What are the things that make people a better fighter?  I am genuinely interested, i want to know if they are things that can be found in other forms or if they are something completely different?  I have tried searching out this advanced form and noticed a fair ammount of william cheung schools don't include it in their sylabus and the ones that did give no detail of it.  

I hope you don't think i was saying william cheung's wing chun doesn't constitute traditional, i wasn't, its just stepping in sui nim tao or the teaching of the advanced form you speak of doesn't tie in with what most call traditional wing chun, i mean i don't know any other yip man students that taught it.  I'm not trying to start some kind of lineage issue either i am just interested to learn of the type of stepping and extra movements that is put into this form.  I mean if its something that appears in other systems in a different fashion, then thats cool but as i don't know what these techniques are they could be something completely new to me and i would like to learn about it.  So please don't feel i am belittling your style, i am just curious to the variation


----------



## KyleShort (Jun 28, 2005)

Not much to add here but I found that if you do a google on "advanced sil lum tao" you will find lots of information...

examples:

http://www.navybase.net/gtmaa/NAWCA/wing_chun_kung-fu.htm

http://www.martialtalk.com/forum/archive/index.php/t-3044.html

http://www.wingchunonline.com/Wing_Chun/index.html

tons more examples.  Perhaps the spelling of sil lum tao is relevant when doing a google search as different lineages will use different spellings...and different lineages are likely to practice slightly different material.


----------



## ed-swckf (Jun 28, 2005)

KyleShort said:
			
		

> Not much to add here but I found that if you do a google on "advanced sil lum tao" you will find lots of information...
> 
> examples:
> 
> ...


Thanksd i was spelling it the way the gentleman had spelt it and came up with not much.  Still very little information on the type of stepping etc.


----------



## bart (Jun 28, 2005)

ed-swckf said:
			
		

> Thanksd i was spelling it the way the gentleman had spelt it and came up with not much.  Still very little information on the type of stepping etc.
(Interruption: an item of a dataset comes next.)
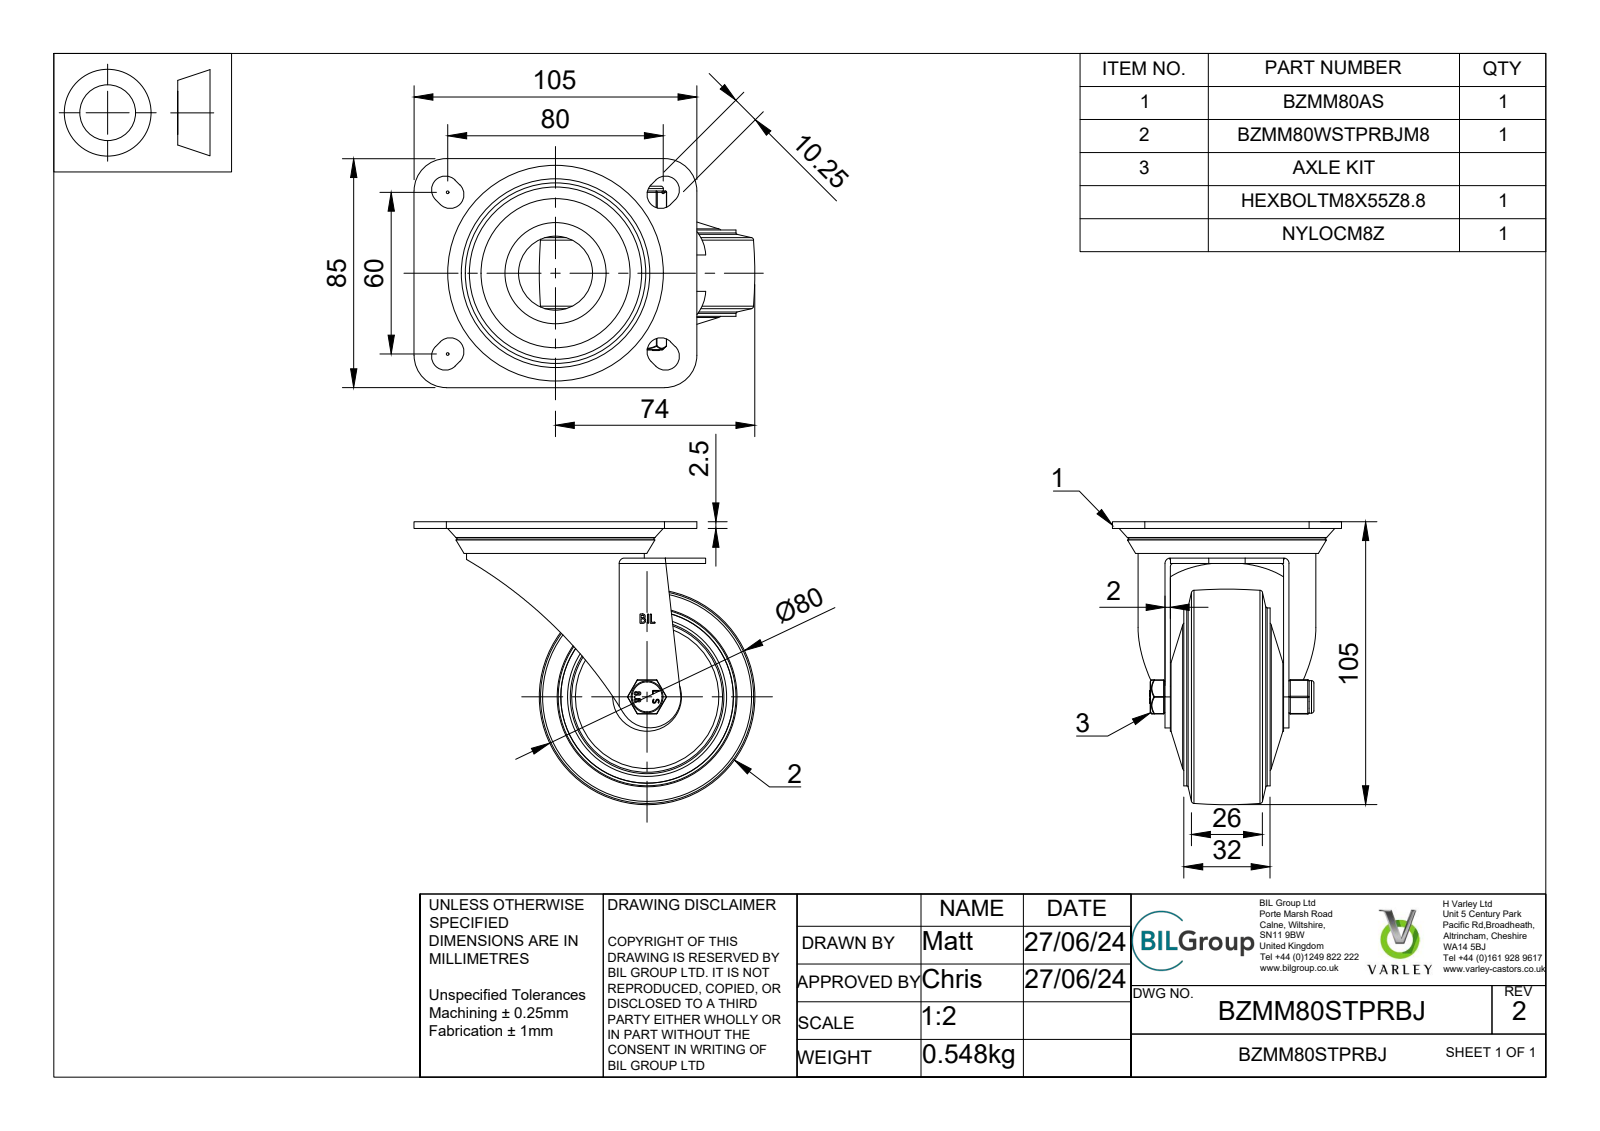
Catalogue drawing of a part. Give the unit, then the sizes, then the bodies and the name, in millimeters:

Transliteration of Chinese words to English is always complicated by problems of consistency. My apologies about the spelling. Shil Lim Tao, Sil Lum Tao, Siu Nim Tau, there are lots of different ways to spell it. For now I'll use SLT. Any successful search online is going to have get a little "creative" in order to be successful. In the following description, please excuse any transliteration differences. 

The Advanced SLT differs in the fook sao section by the introduction of a vertical palm strike after the delivery of the fook saos. An additional section is added between the tan sao section and the ban sao section composed of pak sao-tan sao-jut sao-tan sao-huen sao-vertical palm. The stepping is introduced in the fut sao section with the insertion of a diagonal step toward the direction of each fut sao in turn and the circle steps used to bring one back to center. The last section of the form is also differed by the introduction of a large huen sao to bring the hand to eye level before the alternate palm is scraped along it's length. 

Again, this is taught as a variation and not as a replacement.


----------



## bcbernam777 (Jun 29, 2005)

ed-swckf said:
			
		

> Well thats what you'd think but people here are saying they learn it with movement! Its definitely not traditional wing chun but i am curious to see this variation with its extra sections to see where it would fit in my typicical yip man wing chun.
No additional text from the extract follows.